[THE DATA]

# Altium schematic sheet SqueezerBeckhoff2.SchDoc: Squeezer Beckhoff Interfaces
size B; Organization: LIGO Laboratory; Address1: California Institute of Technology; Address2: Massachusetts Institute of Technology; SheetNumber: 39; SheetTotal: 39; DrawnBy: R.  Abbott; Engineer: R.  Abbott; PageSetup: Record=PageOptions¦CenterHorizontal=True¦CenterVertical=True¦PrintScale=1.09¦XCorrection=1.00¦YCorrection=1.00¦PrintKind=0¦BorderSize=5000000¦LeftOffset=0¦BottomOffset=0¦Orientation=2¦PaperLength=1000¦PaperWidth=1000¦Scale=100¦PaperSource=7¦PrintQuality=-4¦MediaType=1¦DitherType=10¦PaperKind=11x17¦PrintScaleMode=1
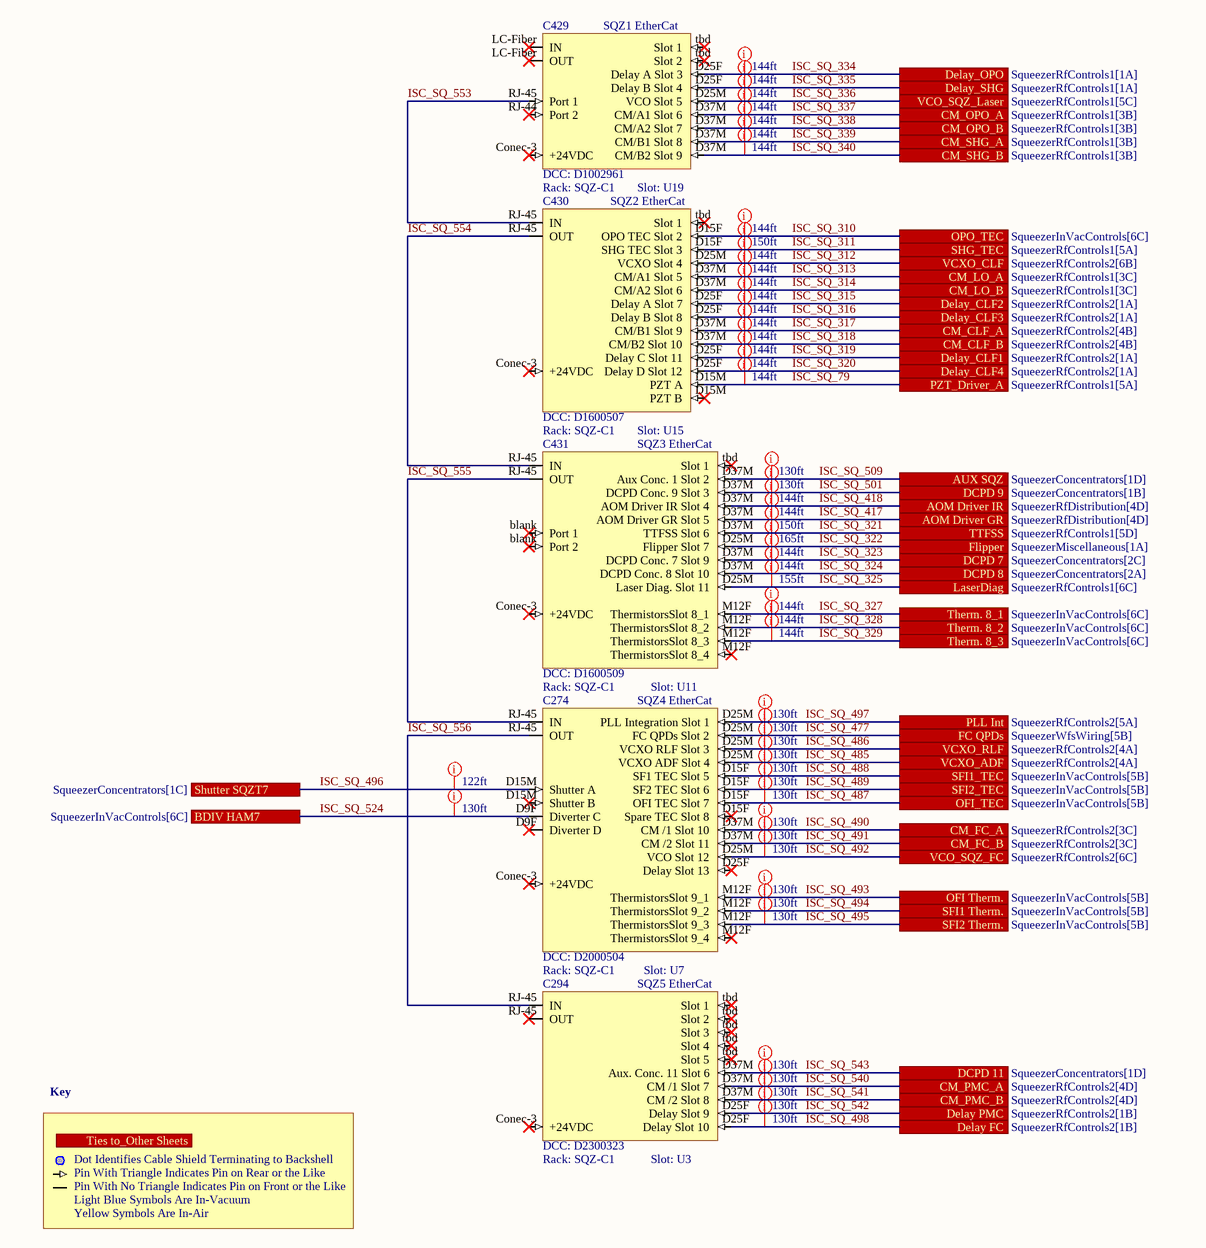
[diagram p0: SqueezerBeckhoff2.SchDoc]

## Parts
C274  SQZ4 EtherCat  DCC: D2000504  Rack: SQZ-C1  Slot: U7
C294  SQZ5 EtherCat  DCC: D2300323  Rack: SQZ-C1  Slot: U3
C429  SQZ1 EtherCat  DCC: D1002961  Rack: SQZ-C1  Slot: U19
C430  SQZ2 EtherCat  DCC: D1600507  Rack: SQZ-C1  Slot: U15
C431  SQZ3 EtherCat  DCC: D1600509  Rack: SQZ-C1  Slot: U11

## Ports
AOM Driver GR (see SqueezerRfDistribution[4D]), AOM Driver IR (see SqueezerRfDistribution[4D]), AUX SQZ (see SqueezerConcentrators[1D]), BDIV HAM7 (see SqueezerInVacControls[6C]), CM_CLF_A (see SqueezerRfControls2[4B]), CM_CLF_B (see SqueezerRfControls2[4B]), CM_FC_A (see SqueezerRfControls2[3C]), CM_FC_B (see SqueezerRfControls2[3C]), CM_LO_A (see SqueezerRfControls1[3C]), CM_LO_B (see SqueezerRfControls1[3C]), CM_OPO_A (see SqueezerRfControls1[3B]), CM_OPO_B (see SqueezerRfControls1[3B]), CM_PMC_A (see SqueezerRfControls2[4D]), CM_PMC_B (see SqueezerRfControls2[4D]), CM_SHG_A (see SqueezerRfControls1[3B]), CM_SHG_B (see SqueezerRfControls1[3B]), DCPD 7 (see SqueezerConcentrators[2C]), DCPD 8 (see SqueezerConcentrators[2A]), DCPD 9 (see SqueezerConcentrators[1B]), DCPD 11 (see SqueezerConcentrators[1D]), Delay FC (see SqueezerRfControls2[1B]), Delay PMC (see SqueezerRfControls2[1B]), Delay_CLF1 (see SqueezerRfControls2[1A]), Delay_CLF2 (see SqueezerRfControls2[1A]), Delay_CLF3 (see SqueezerRfControls2[1A]), Delay_CLF4 (see SqueezerRfControls2[1A]), Delay_OPO (see SqueezerRfControls1[1A]), Delay_SHG (see SqueezerRfControls1[1A]), FC QPDs (see SqueezerWfsWiring[5B]), Flipper (see SqueezerMiscellaneous[1A]), LaserDiag (see SqueezerRfControls1[6C]), OFI Therm. (see SqueezerInVacControls[5B]), OFI_TEC (see SqueezerInVacControls[5B]), OPO_TEC (see SqueezerInVacControls[6C]), PLL Int (see SqueezerRfControls2[5A]), PZT_Driver_A (see SqueezerRfControls1[5A]), SFI1 Therm. (see SqueezerInVacControls[5B]), SFI1_TEC (see SqueezerInVacControls[5B]), SFI2 Therm. (see SqueezerInVacControls[5B]), SFI2_TEC (see SqueezerInVacControls[5B]), SHG_TEC (see SqueezerRfControls1[5A]), Shutter SQZT7 (see SqueezerConcentrators[1C]), Therm. 8_1 (see SqueezerInVacControls[6C]), Therm. 8_2 (see SqueezerInVacControls[6C]), Therm. 8_3 (see SqueezerInVacControls[6C]), Ties to_Other Sheets, TTFSS (see SqueezerRfControls1[5D]), VCO_SQZ_FC (see SqueezerRfControls2[6C]), VCO_SQZ_Laser (see SqueezerRfControls1[5C]), VCXO_ADF (see SqueezerRfControls2[4A]), VCXO_CLF (see SqueezerRfControls2[6B]), VCXO_RLF (see SqueezerRfControls2[4A])

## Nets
ISC_SQ_79: C430.D15M(PZT_A) ; port PZT_Driver_A
ISC_SQ_310: C430.D15F(OPO_TEC_Slot_2) ; port OPO_TEC
ISC_SQ_311: C430.D15F(SHG_TEC_Slot_3) ; port SHG_TEC
ISC_SQ_312: C430.D25M(VCXO_Slot_4) ; port VCXO_CLF
ISC_SQ_313: C430.D37M(CM/A1_Slot_5) ; port CM_LO_A
ISC_SQ_314: C430.D37M(CM/A2_Slot_6) ; port CM_LO_B
ISC_SQ_315: C430.D25F(Delay_A_Slot_7) ; port Delay_CLF2
ISC_SQ_316: C430.D25F(Delay_B_Slot_8) ; port Delay_CLF3
ISC_SQ_317: C430.D37M(CM/B1_Slot_9) ; port CM_CLF_A
ISC_SQ_318: C430.D37M(CM/B2_Slot_10) ; port CM_CLF_B
ISC_SQ_319: C430.D25F(Delay_C_Slot_11) ; port Delay_CLF1
ISC_SQ_320: C430.D25F(Delay_D_Slot_12) ; port Delay_CLF4
ISC_SQ_321: C431.D37M(TTFSS_Slot_6) ; port TTFSS
ISC_SQ_322: C431.D25M(Flipper_Slot_7) ; port Flipper
ISC_SQ_323: C431.D37M(DCPD_Conc._7_Slot_9) ; port DCPD 7
ISC_SQ_324: C431.D37M(DCPD_Conc._8_Slot_10) ; port DCPD 8
ISC_SQ_325: C431.D25M(Laser_Diag._Slot_11) ; port LaserDiag
ISC_SQ_327: C431.M12F(ThermistorsSlot_8_1) ; port Therm. 8_1
ISC_SQ_328: C431.M12F(ThermistorsSlot_8_2) ; port Therm. 8_2
ISC_SQ_329: C431.M12F(ThermistorsSlot_8_3) ; port Therm. 8_3
ISC_SQ_334: C429.D25F(Delay_A_Slot_3) ; port Delay_OPO
ISC_SQ_335: C429.D25F(Delay_B_Slot_4) ; port Delay_SHG
ISC_SQ_336: C429.D25M(VCO_Slot_5) ; port VCO_SQZ_Laser
ISC_SQ_337: C429.D37M(CM/A1_Slot_6) ; port CM_OPO_A
ISC_SQ_338: C429.D37M(CM/A2_Slot_7) ; port CM_OPO_B
ISC_SQ_339: C429.D37M(CM/B1_Slot_8) ; port CM_SHG_A
ISC_SQ_340: C429.D37M(CM/B2_Slot_9) ; port CM_SHG_B
ISC_SQ_417: C431.D37M(AOM_Driver_GR_Slot_5) ; port AOM Driver GR
ISC_SQ_418: C431.D37M(AOM_Driver_IR_Slot_4) ; port AOM Driver IR
ISC_SQ_477: C274.D25M(FC_QPDs_Slot_2) ; port FC QPDs
ISC_SQ_485: C274.D25M(VCXO_ADF_Slot_4) ; port VCXO_ADF
ISC_SQ_486: C274.D25M(VCXO_RLF_Slot_3) ; port VCXO_RLF
ISC_SQ_487: C274.D15F(OFI_TEC_Slot_7) ; port OFI_TEC
ISC_SQ_488: C274.D15F(SF1_TEC_Slot_5) ; port SFI1_TEC
ISC_SQ_489: C274.D15F(Spare_TEC_Slot_8) ; port SFI2_TEC
ISC_SQ_490: C274.D37M(CM_/1_Slot_10) ; port CM_FC_A
ISC_SQ_491: C274.D37M(CM_/2_Slot_11) ; port CM_FC_B
ISC_SQ_492: C274.D25M(VCO_Slot_12) ; port VCO_SQZ_FC
ISC_SQ_493: C274.M12F(ThermistorsSlot_9_1) ; port OFI Therm.
ISC_SQ_494: C274.M12F(ThermistorsSlot_9_2) ; port SFI1 Therm.
ISC_SQ_495: C274.M12F(ThermistorsSlot_9_3) ; port SFI2 Therm.
ISC_SQ_496: C274.D15M(Shutter_A) ; port Shutter SQZT7
ISC_SQ_497: C274.D25M(PLL_Integration_Slot_1) ; port PLL Int
ISC_SQ_498: C294.D25F(Delay_Slot_10) ; port Delay FC
ISC_SQ_501: C431.D37M(DCPD_Conc._9_Slot_3) ; port DCPD 9
ISC_SQ_509: C431.D37M(Aux_Conc._1_Slot_2) ; port AUX SQZ
ISC_SQ_524: C274.D9F(Diverter_C) ; port BDIV HAM7
ISC_SQ_540: C294.D37M(CM_/1_Slot_7) ; port CM_PMC_A
ISC_SQ_541: C294.D37M(CM_/2_Slot_8) ; port CM_PMC_B
ISC_SQ_542: C294.D25F(Delay_Slot_9) ; port Delay PMC
ISC_SQ_543: C294.D37M(Aux._Conc._11_Slot_6) ; port DCPD 11
ISC_SQ_553: C429.RJ-45(Port_1) C430.RJ-45(IN)
ISC_SQ_554: C430.RJ-45(OUT) C431.RJ-45(IN)
ISC_SQ_555: C274.RJ-45(IN) C431.RJ-45(OUT)
ISC_SQ_556: C274.RJ-45(OUT) C294.RJ-45(IN)

Not connected (* = marked no-connect by the designer): C274 Conec-3(+24VDC)* D25F(Delay_Slot_13)*; C294 Conec-3(+24VDC)* tbd(Slot_1)*; C429 Conec-3(+24VDC)* LC-Fiber(IN)* RJ-44(Port_2)* tbd(Slot_1)*; C430 Conec-3(+24VDC)* tbd(Slot_1)*; C431 blank(Port_1)* Conec-3(+24VDC)* tbd(Slot_1)*

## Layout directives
Length: 144ft: ISC_SQ_79, ISC_SQ_310, ISC_SQ_312, ISC_SQ_313, ISC_SQ_314, ISC_SQ_315, ISC_SQ_316, ISC_SQ_317, ISC_SQ_318, ISC_SQ_319, ISC_SQ_320, ISC_SQ_323, ISC_SQ_324, ISC_SQ_327, ISC_SQ_328, ISC_SQ_329, ISC_SQ_334, ISC_SQ_335, ISC_SQ_336, ISC_SQ_337, ISC_SQ_338, ISC_SQ_339, ISC_SQ_340, ISC_SQ_417, ISC_SQ_418
Length: 150ft: ISC_SQ_311, ISC_SQ_321
Length: 155ft: ISC_SQ_325
Length: 165ft: ISC_SQ_322
Length: 130ft: ISC_SQ_477, ISC_SQ_485, ISC_SQ_486, ISC_SQ_487, ISC_SQ_488, ISC_SQ_489, ISC_SQ_490, ISC_SQ_491, ISC_SQ_492, ISC_SQ_493, ISC_SQ_494, ISC_SQ_495, ISC_SQ_497, ISC_SQ_498, ISC_SQ_501, ISC_SQ_509, ISC_SQ_524, ISC_SQ_540, ISC_SQ_541, ISC_SQ_542, ISC_SQ_543
Length: 122ft: ISC_SQ_496

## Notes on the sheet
- Key
- Dot Identifies Cable Shield Terminating to Backshell
- Pin With Triangle Indicates Pin on Rear or the Like
- Pin With No Triangle Indicates Pin on Front or the Like
- Light Blue Symbols Are In-Vacuum
- Yellow Symbols Are In-Air

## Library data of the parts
C274 = SQZ4 EtherCat: Serial: Sxxxxxxx; System: ISC
C294 = SQZ5 EtherCat: Serial: Sxxxxxxx; System: ISC
C429 = SQZ1 EtherCat: Serial: Sxxxxxxx; System: ISC
C430 = SQZ2 EtherCat: Serial: Sxxxxxxx; System: ISC
C431 = SQZ3 EtherCat: Serial: Sxxxxxxx; System: ISC

[REQUIRED ACTION]
From the listing above, output exactly the run of lines that starts with the line containing "ISC_SQ_524: C274.D9F(Diverter_C) ;" and ends with the line containing "ISC_SQ_555: C274.RJ-45(IN) C431.RJ-45(OUT)".

[ANSWER TO THIS TASK]
ISC_SQ_524: C274.D9F(Diverter_C) ; port BDIV HAM7
ISC_SQ_540: C294.D37M(CM_/1_Slot_7) ; port CM_PMC_A
ISC_SQ_541: C294.D37M(CM_/2_Slot_8) ; port CM_PMC_B
ISC_SQ_542: C294.D25F(Delay_Slot_9) ; port Delay PMC
ISC_SQ_543: C294.D37M(Aux._Conc._11_Slot_6) ; port DCPD 11
ISC_SQ_553: C429.RJ-45(Port_1) C430.RJ-45(IN)
ISC_SQ_554: C430.RJ-45(OUT) C431.RJ-45(IN)
ISC_SQ_555: C274.RJ-45(IN) C431.RJ-45(OUT)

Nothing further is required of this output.